La tendance « extrême-droite » des Français vient de se confirmer. L’ascension d’un nouveau Pétain fait prévoir des sacrifices. Personnellement, n’étant qu’un administré français, et non point un citoyen de cet ordre (je me trouve aux confins de l’Occitanie et de l’Andalousie), je m’en fous un peu. Quoique… Notre Sud n’est pas en reste. Loin de là ! mais je me dis, pour me consoler tout seul, que ceux qui ici ont voté pour le Front National sont des citoyens français et non point des indigènes ni des immigrés.

J’ai pensé qu’un petit traité en trois leçons portant sur le nazisme serait fort utile à l’esprit tant des citoyens de droit et de cœur qu’à celui de mes semblables.

La première leçon portera sur ce qu’il ne faut pas faire compte tenu que, malgré ce que nous avons dans le cœur, l’administration demeure française et notamment celle de la justice dont nous connaissons la tendance collaborationniste depuis l’Occupation. Défaut auquel il faut ajouter un manque grave de parité puisque la profession est très majoritairement occupée, quand elle ne s’absente pas, par des femmes particulièrement attentives au projet de carrière qui leur est proposé. Le cul a aussi son importance en justice.
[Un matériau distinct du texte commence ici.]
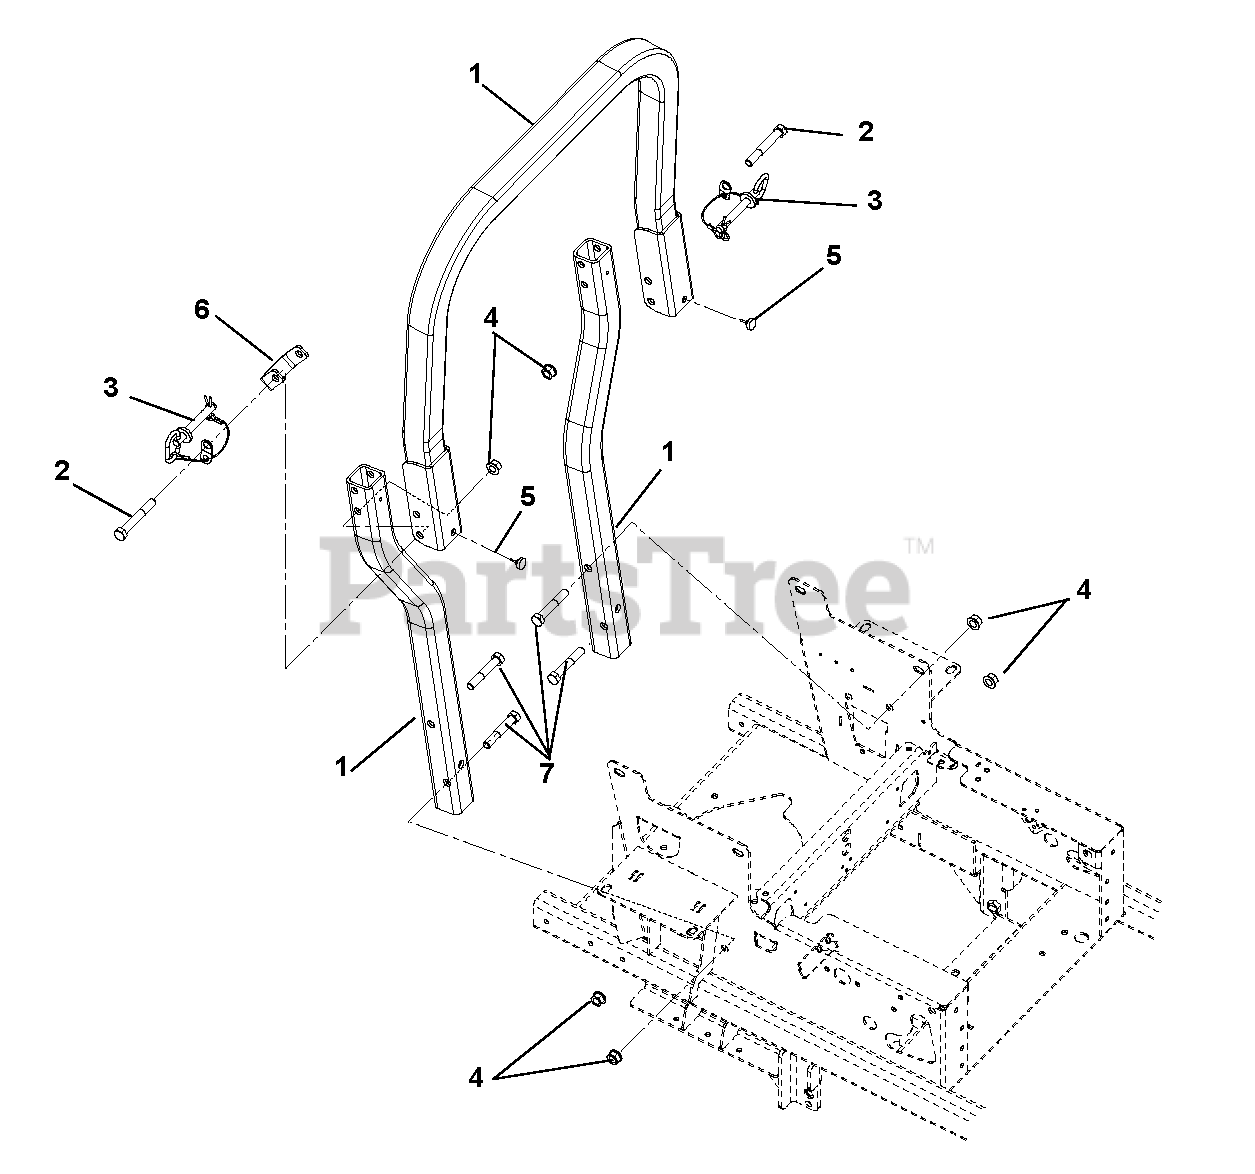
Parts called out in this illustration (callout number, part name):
1	ROPS, PT100 Replacement
2	Bolt, Hex .50-13 x 3.50
3	Assembly, ROPS Pin/Lanyard
4	Nut, Locking Top Flange .50-13
5	Bumper, ROPS Rubber
6	Bracket, ROPS Stop, Pro-Turn
7	Bolt, Hex .50-13 x 3.00

La tolérance des magistrats est fortement limitée par l’esprit corporatiste et le statut de domestique qui, comme nous venons de le dire clairement, sert avant tout son employeur quelle que soit la couleur du régime à la mode. Ensuite, les historiens s’en démerdent comme ils le peuvent ou comme il est dit plus haut.

La République française, empire en déclin, s’est placée sur le chemin d’un régime qui devra autant à l’impérialisme colonial qu’au nazisme et autres fascismes voisins. Le mieux est donc d’en suivre la leçon et de nous préparer physiquement et moralement à une critique qui va connaître ses victimes par l’entremise du foutoir judiciaire hérité de l’Histoire et confirmé péremptoirement par la Constitution en cours et les usages hérités des anciens régimes.

La deuxième leçon portera sur ce qu’on peut faire. Ce sera l’occasion de revenir prudemment sur ces notions de valeurs républicaines qui plaisent tant au premier ministre. Comme quoi, avec une petite licence en Histoire et les services d’un bon cabinet de communication on peut y arriver coûte que coûte.

On verra, illustrations à l’appui, que le concept de liberté est conditionné par ce qu’en autorise les intérêts des privilégiés ; que celui d’égalité est limité par les recommandations ; et que celui de fraternité est une foutaise qui doit plus à Jésus qu’à l’intelligence.

La troisième portera, comme synthèse provisoire, sur ce qu’on fait en réalité, qu’on soit français de cœur ou indigène, nationaliste ou libre comme le vent quand il n’est pas influencé par des phénomènes terrestres moins idylliques.

 

Ce qu’on ne doit pas faire

 

Un principe unanimement partagé, c’est-à-dire autant par les cons que par les autres, veut que ce qu’on ne doit pas faire ne peut* pas se faire.

* Tant pis pour le subjonctif !

La justice, ou plutôt son administration, a condamné Jean-Marie Le Pen à une broutille suite à sa fameuse déclaration : « Les fours crématoires sont un détail de l’Histoire. »

Nous avons là un exemple de la médiocrité, pour ne pas dire de la duplicité, dont peut faire preuve la justice française quand elle s’intéresse en priorité au bien-être social de ses magistrats.

Le mot détail, en français, signifie : « chose sans importance. »

Dire que le massacre perpétré contre les Juifs européens est une « chose sans importance » relève, non point de l’injure, qui n’affecte que les imbéciles, mais de l’ignominie.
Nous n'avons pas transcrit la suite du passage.